There really is no answer for this. Continue to respect your loved one as a real person and cling to the hope that it will be sorted out in the future. The brain cells are not doing what they should, but the person behind them is still real.
right Dilip. Even so called Alzheimer experts let loved ones off the hook that it’s too painful to watch your loved one with Alzheimers and to not visit. Loved ones aren’t the victims and it’s our responsiblity to do your best to visit them. They can’t just be discarded and dumped in a nursing home and family to believe they aren’t missed. They miss being touched and hugged.

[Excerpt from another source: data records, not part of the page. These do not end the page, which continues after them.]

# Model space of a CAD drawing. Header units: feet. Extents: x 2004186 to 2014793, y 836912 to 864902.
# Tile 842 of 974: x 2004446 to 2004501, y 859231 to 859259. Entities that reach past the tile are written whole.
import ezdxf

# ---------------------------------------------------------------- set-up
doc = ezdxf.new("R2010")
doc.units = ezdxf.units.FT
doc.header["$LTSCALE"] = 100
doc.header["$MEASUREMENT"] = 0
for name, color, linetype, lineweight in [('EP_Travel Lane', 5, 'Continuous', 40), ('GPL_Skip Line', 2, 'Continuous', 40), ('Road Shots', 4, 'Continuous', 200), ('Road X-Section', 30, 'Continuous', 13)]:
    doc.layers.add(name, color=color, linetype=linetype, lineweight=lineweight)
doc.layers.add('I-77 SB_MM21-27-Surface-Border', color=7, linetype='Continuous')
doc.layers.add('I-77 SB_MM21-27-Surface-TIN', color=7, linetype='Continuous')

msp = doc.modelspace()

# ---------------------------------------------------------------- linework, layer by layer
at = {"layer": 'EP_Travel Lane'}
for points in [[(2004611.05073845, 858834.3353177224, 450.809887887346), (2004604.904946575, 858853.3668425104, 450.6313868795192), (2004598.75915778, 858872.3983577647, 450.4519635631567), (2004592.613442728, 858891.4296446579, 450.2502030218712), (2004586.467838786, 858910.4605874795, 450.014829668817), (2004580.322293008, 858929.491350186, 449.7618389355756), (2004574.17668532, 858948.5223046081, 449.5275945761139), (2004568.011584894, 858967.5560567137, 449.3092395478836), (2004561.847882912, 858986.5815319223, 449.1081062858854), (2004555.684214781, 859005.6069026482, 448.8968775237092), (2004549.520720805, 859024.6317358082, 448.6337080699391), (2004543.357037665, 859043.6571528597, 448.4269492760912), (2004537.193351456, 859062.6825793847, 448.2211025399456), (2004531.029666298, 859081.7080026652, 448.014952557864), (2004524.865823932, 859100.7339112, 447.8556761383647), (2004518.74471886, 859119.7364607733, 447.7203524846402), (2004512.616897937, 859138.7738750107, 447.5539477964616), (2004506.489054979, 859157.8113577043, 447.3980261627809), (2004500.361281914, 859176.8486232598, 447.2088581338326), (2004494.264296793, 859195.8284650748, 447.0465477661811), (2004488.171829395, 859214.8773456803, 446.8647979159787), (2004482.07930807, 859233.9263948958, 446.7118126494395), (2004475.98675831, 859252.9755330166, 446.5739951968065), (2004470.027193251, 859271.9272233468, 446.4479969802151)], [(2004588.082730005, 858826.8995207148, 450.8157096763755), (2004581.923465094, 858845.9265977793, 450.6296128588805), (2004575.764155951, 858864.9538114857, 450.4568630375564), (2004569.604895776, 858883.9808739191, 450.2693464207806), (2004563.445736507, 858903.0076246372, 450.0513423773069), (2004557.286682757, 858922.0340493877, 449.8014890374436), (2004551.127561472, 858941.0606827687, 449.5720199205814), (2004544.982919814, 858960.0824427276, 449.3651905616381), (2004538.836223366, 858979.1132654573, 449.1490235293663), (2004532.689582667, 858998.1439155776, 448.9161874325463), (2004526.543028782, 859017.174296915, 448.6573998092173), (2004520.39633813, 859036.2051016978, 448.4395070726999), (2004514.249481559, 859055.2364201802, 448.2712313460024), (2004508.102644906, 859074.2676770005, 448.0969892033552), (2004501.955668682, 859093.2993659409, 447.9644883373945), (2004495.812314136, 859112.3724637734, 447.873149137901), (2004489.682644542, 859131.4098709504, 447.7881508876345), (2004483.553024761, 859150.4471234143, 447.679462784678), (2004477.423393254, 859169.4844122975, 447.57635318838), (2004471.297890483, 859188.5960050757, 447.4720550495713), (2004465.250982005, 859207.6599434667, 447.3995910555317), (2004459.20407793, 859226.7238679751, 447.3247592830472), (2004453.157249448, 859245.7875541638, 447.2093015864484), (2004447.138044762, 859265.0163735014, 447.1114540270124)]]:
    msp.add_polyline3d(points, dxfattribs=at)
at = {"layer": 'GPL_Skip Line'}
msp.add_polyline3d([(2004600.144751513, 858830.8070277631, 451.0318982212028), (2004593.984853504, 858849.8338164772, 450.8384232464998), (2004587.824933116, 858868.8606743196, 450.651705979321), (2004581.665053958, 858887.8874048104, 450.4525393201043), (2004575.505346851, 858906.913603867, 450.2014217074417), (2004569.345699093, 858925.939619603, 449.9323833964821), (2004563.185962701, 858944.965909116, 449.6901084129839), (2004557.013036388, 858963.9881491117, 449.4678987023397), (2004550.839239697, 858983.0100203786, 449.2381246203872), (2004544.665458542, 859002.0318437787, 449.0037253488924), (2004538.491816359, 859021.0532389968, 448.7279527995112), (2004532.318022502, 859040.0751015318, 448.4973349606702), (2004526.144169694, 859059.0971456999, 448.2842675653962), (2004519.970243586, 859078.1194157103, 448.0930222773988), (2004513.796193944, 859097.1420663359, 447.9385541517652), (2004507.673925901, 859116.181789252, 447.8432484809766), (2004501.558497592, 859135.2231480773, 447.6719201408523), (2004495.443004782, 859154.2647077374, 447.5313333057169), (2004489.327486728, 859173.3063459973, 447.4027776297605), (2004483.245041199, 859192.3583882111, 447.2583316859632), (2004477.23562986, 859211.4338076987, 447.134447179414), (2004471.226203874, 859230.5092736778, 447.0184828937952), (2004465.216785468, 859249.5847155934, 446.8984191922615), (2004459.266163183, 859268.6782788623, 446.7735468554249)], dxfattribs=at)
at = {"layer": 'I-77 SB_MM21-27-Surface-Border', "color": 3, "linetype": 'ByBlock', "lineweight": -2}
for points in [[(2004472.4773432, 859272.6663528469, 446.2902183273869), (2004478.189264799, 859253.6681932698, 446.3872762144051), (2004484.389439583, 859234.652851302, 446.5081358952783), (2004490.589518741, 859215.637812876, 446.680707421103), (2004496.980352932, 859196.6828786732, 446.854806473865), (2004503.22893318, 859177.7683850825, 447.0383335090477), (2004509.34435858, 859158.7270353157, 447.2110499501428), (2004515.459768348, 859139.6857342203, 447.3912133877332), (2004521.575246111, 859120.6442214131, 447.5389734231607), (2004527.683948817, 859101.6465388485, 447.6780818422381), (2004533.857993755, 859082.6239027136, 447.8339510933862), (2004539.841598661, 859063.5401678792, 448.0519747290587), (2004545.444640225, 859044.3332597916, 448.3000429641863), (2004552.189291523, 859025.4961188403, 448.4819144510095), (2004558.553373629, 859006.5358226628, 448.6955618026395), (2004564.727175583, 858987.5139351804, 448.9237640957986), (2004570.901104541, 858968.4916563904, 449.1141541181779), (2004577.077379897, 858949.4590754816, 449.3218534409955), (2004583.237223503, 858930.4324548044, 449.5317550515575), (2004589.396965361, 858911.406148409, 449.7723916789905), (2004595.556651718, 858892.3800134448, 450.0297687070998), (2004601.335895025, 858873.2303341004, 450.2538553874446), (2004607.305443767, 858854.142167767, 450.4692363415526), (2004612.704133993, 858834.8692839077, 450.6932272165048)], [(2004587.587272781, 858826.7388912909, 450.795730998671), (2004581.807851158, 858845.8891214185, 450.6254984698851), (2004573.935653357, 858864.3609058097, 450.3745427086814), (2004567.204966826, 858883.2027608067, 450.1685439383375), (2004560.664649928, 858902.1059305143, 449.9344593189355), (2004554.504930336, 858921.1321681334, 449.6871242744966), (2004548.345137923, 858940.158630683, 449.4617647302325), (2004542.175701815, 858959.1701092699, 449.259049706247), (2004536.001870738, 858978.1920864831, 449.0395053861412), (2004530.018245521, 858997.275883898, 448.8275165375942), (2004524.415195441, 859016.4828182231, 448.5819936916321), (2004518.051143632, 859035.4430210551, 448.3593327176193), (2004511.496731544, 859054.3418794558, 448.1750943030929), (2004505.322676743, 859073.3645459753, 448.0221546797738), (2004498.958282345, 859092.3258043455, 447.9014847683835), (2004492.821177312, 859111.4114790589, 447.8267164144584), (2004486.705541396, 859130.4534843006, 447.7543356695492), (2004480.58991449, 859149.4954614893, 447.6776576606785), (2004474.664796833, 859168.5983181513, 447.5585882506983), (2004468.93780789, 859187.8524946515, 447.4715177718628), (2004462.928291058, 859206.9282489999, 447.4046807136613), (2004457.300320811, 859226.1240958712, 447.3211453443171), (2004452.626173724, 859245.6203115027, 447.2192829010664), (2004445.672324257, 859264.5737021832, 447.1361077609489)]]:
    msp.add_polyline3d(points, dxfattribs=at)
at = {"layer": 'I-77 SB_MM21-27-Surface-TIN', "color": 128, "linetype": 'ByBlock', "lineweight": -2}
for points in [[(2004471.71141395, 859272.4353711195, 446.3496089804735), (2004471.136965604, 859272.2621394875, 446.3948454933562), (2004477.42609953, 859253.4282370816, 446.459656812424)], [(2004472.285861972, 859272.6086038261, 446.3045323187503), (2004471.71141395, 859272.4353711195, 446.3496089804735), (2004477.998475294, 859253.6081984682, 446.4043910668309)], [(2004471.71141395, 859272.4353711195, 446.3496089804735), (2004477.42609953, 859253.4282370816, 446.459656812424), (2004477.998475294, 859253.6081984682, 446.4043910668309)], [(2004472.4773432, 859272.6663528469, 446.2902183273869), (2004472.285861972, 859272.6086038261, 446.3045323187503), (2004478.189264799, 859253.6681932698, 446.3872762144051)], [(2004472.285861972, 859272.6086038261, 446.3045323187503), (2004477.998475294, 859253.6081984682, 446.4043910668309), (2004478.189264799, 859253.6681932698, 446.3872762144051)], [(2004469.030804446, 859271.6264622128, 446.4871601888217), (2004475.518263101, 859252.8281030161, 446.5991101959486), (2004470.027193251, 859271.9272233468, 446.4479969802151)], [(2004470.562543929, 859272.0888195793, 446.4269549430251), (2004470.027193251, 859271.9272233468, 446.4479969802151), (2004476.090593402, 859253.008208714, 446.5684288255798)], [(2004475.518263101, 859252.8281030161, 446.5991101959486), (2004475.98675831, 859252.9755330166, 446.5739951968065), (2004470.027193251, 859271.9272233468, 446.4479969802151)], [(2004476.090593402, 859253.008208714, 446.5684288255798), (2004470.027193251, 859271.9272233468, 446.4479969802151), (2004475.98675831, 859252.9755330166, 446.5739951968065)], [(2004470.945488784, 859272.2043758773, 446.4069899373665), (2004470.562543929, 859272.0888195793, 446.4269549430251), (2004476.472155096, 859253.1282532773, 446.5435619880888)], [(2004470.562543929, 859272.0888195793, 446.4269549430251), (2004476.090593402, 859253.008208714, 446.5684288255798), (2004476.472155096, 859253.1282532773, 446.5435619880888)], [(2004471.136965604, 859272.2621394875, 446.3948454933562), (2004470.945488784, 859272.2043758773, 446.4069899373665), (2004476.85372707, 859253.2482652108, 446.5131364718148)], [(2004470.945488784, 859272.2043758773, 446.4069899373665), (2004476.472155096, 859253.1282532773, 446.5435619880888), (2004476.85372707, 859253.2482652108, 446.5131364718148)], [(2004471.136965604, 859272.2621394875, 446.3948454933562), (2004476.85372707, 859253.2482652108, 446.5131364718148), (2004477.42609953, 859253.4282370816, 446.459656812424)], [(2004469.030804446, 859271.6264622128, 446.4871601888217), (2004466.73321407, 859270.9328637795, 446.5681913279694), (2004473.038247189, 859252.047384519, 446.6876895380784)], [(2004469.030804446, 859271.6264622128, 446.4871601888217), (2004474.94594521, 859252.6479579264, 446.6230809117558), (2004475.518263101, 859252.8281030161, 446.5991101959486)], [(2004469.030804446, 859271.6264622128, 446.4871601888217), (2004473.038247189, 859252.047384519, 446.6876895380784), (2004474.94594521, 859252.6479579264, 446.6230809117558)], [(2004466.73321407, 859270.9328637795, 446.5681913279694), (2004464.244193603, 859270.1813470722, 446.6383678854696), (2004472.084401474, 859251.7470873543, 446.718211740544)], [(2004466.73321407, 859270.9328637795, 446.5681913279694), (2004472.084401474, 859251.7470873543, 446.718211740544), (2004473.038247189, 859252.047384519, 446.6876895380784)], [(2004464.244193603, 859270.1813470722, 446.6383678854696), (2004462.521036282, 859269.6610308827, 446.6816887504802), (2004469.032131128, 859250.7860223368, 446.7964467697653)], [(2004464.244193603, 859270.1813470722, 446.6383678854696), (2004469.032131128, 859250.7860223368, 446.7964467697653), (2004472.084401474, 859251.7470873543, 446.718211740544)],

And I could tell a few family members while hugging has not been a big part of our family culture, it’s never too late.
Yes, they are steal the same person, but somewhat like a baby or toddler and easy to comfort or entertain. Just to be acknowledged they are still a human being.
My 90’s father heard a band at the nursing home of songs in the late 30’s and early 40’s and could sing all the words and remembered things of his childhood home. He has asked for his mother and father and while, this might seem like last stage, he has periods of amazing cognitive skills I that are like a two year old climbing and, and awareness of many current things.
I have found that when he really is out of it there is some reason for it, and often he’s not drinking enough liquids are saw something frightening. And he is an escape artist and I will be the same way I fear. Some don’t want to wonder far at all.
My father has Alzheimer’s, and we are looking at having him moved to an assisted living facility simply because we cannot give him the adequate care he needs. He is currently living with us, and we hear this phrase all the time. As you suggested, I think we should try and validate his emotions and try to connect with him more on an emotional level. Hopefully finding a good care facility will be able to help with this as well.